**Goal of the exercise:** Copy the records below in full and leave every image out of the copy.

--- Entries provided Enclosed Below ---

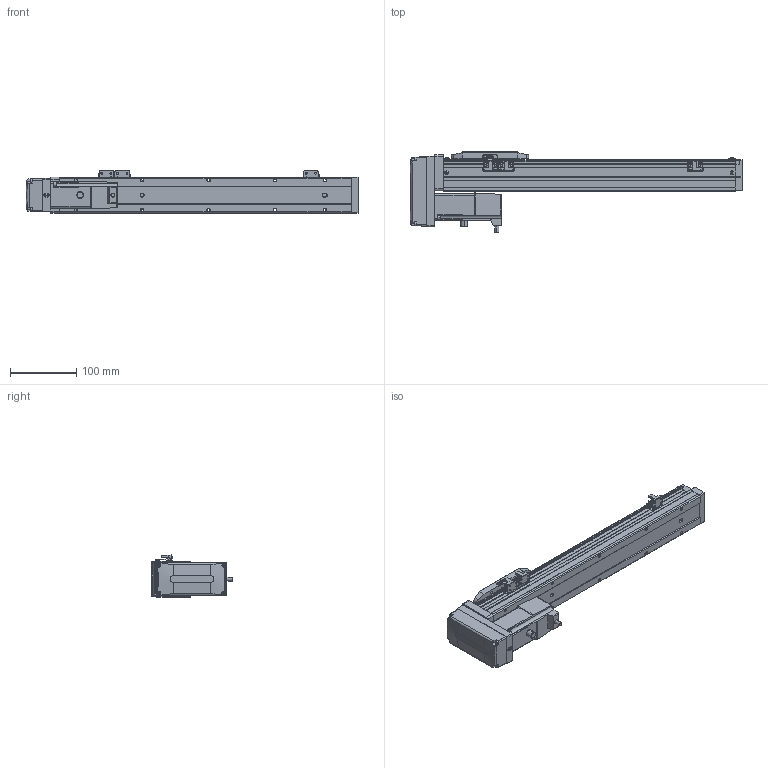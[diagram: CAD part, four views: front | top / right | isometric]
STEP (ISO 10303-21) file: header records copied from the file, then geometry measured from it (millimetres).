
FILE_DESCRIPTION (( 'STEP AP203' ), '1' );
FILE_NAME ('CTH5-L10-S300-BM-C10(¼ò).STEP', '2023-02-04T02:22:40', ( '' ), ( '' ), 'SwSTEP 2.0', 'SolidWorks 2018', '' );
FILE_SCHEMA (( 'CONFIG_CONTROL_DESIGN' ));
Length unit declared in the file: millimetre
Products named in the file (22): 内六角圆柱头螺钉M3-2; CTH5耜蚾欶; PM-Y45; hex nuts, style 1-grades ab gb_GB_FASTENER_NUT_SNAB1 M3-N; 葩璃 蚾饜极16^CTH5-L10-S300-BM-C10(潠); T10-p1; CTH5綴耜啣; CTH100W假蚾啣; CTH嫖萇羲壽假蚾啣; CTH5耜晚蹟隊-1; 嫖萇羲壽郪磁1; CTH5-L10-S300-BM-C10(潠); M3｡｣; CTH5耜晚蹟隊; 葩璃 蚾饜极13^CTH8-L10-S50-BM-C40(潠)1; 100W萇儂; CTH5ヶ耜啣(潠); CTH5覜茼え; CTH5賑怢; CTH5菁釱-L440; CTH5-BL-T10_body5; CTH5耜蚾蟀諉啣(潠)
Assembly tree (37 placements, depth 4):
  CTH5-L10-S300-BM-C10(潠)
    CTH5綴耜啣
    CTH5賑怢
    CTH5ヶ耜啣(潠)
    CTH5菁釱-L440
    CTH5耜晚蹟隊  x2
    嫖萇羲壽郪磁1  x2
      CTH嫖萇羲壽假蚾啣
      PM-Y45
      M3｡｣
      内六角圆柱头螺钉M3-2
      hex nuts, style 1-grades ab gb_GB_FASTENER_NUT_SNAB1 M3-N
    CTH5覜茼え
    葩璃 蚾饜极13^CTH8-L10-S50-BM-C40(潠)1
      CTH嫖萇羲壽假蚾啣
      PM-Y45
      内六角圆柱头螺钉M3-2  x2
      M3｡｣  x2
      hex nuts, style 1-grades ab gb_GB_FASTENER_NUT_SNAB1 M3-N  x2
    CTH5耜晚蹟隊-1  x4
    葩璃 蚾饜极16^CTH5-L10-S300-BM-C10(潠)
      CTH5耜蚾蟀諉啣(潠)
      CTH5耜蚾欶
        CTH5-BL-T10_body5
      100W萇儂
        T10-p1
      CTH100W假蚾啣
Bounding box: 500 x 122.21 x 63.3 mm (x, y, z)
Volume: 1351910.5 mm3; surface area: 209845 mm2
Topology: 39 solids, 39 shells, 1583 faces, 3965 edges, 2564 vertices
Faces by surface type: plane 890, cylinder 460, cone 175, torus 40, bspline 18
Entity records: 36667 total; most frequent: CARTESIAN_POINT 6788, DIRECTION 5769, ORIENTED_EDGE 5554, EDGE_CURVE 2777, AXIS2_PLACEMENT_3D 1976, VECTOR 1817, LINE 1817, VERTEX_POINT 1792

--- End of Enclosed Entries provided ---

**Solution for this exercise:**
[diagram: CAD part, four views: front | top / right | isometric]
STEP (ISO 10303-21) file: header records copied from the file, then geometry measured from it (millimetres).
FILE_DESCRIPTION (( 'STEP AP203' ), '1' );
FILE_NAME ('CTH5-L10-S300-BM-C10(¼ò).STEP', '2023-02-04T02:22:40', ( '' ), ( '' ), 'SwSTEP 2.0', 'SolidWorks 2018', '' );
FILE_SCHEMA (( 'CONFIG_CONTROL_DESIGN' ));
Length unit declared in the file: millimetre
Products named in the file (22): 内六角圆柱头螺钉M3-2; CTH5耜蚾欶; PM-Y45; hex nuts, style 1-grades ab gb_GB_FASTENER_NUT_SNAB1 M3-N; 葩璃 蚾饜极16^CTH5-L10-S300-BM-C10(潠); T10-p1; CTH5綴耜啣; CTH100W假蚾啣; CTH嫖萇羲壽假蚾啣; CTH5耜晚蹟隊-1; 嫖萇羲壽郪磁1; CTH5-L10-S300-BM-C10(潠); M3｡｣; CTH5耜晚蹟隊; 葩璃 蚾饜极13^CTH8-L10-S50-BM-C40(潠)1; 100W萇儂; CTH5ヶ耜啣(潠); CTH5覜茼え; CTH5賑怢; CTH5菁釱-L440; CTH5-BL-T10_body5; CTH5耜蚾蟀諉啣(潠)
Assembly tree (37 placements, depth 4):
  CTH5-L10-S300-BM-C10(潠)
    CTH5綴耜啣
    CTH5賑怢
    CTH5ヶ耜啣(潠)
    CTH5菁釱-L440
    CTH5耜晚蹟隊  x2
    嫖萇羲壽郪磁1  x2
      CTH嫖萇羲壽假蚾啣
      PM-Y45
      M3｡｣
      内六角圆柱头螺钉M3-2
      hex nuts, style 1-grades ab gb_GB_FASTENER_NUT_SNAB1 M3-N
    CTH5覜茼え
    葩璃 蚾饜极13^CTH8-L10-S50-BM-C40(潠)1
      CTH嫖萇羲壽假蚾啣
      PM-Y45
      内六角圆柱头螺钉M3-2  x2
      M3｡｣  x2
      hex nuts, style 1-grades ab gb_GB_FASTENER_NUT_SNAB1 M3-N  x2
    CTH5耜晚蹟隊-1  x4
    葩璃 蚾饜极16^CTH5-L10-S300-BM-C10(潠)
      CTH5耜蚾蟀諉啣(潠)
      CTH5耜蚾欶
        CTH5-BL-T10_body5
      100W萇儂
        T10-p1
      CTH100W假蚾啣
Bounding box: 500 x 122.21 x 63.3 mm (x, y, z)
Volume: 1351910.5 mm3; surface area: 209845 mm2
Topology: 39 solids, 39 shells, 1583 faces, 3965 edges, 2564 vertices
Faces by surface type: plane 890, cylinder 460, cone 175, torus 40, bspline 18
Entity records: 36667 total; most frequent: CARTESIAN_POINT 6788, DIRECTION 5769, ORIENTED_EDGE 5554, EDGE_CURVE 2777, AXIS2_PLACEMENT_3D 1976, VECTOR 1817, LINE 1817, VERTEX_POINT 1792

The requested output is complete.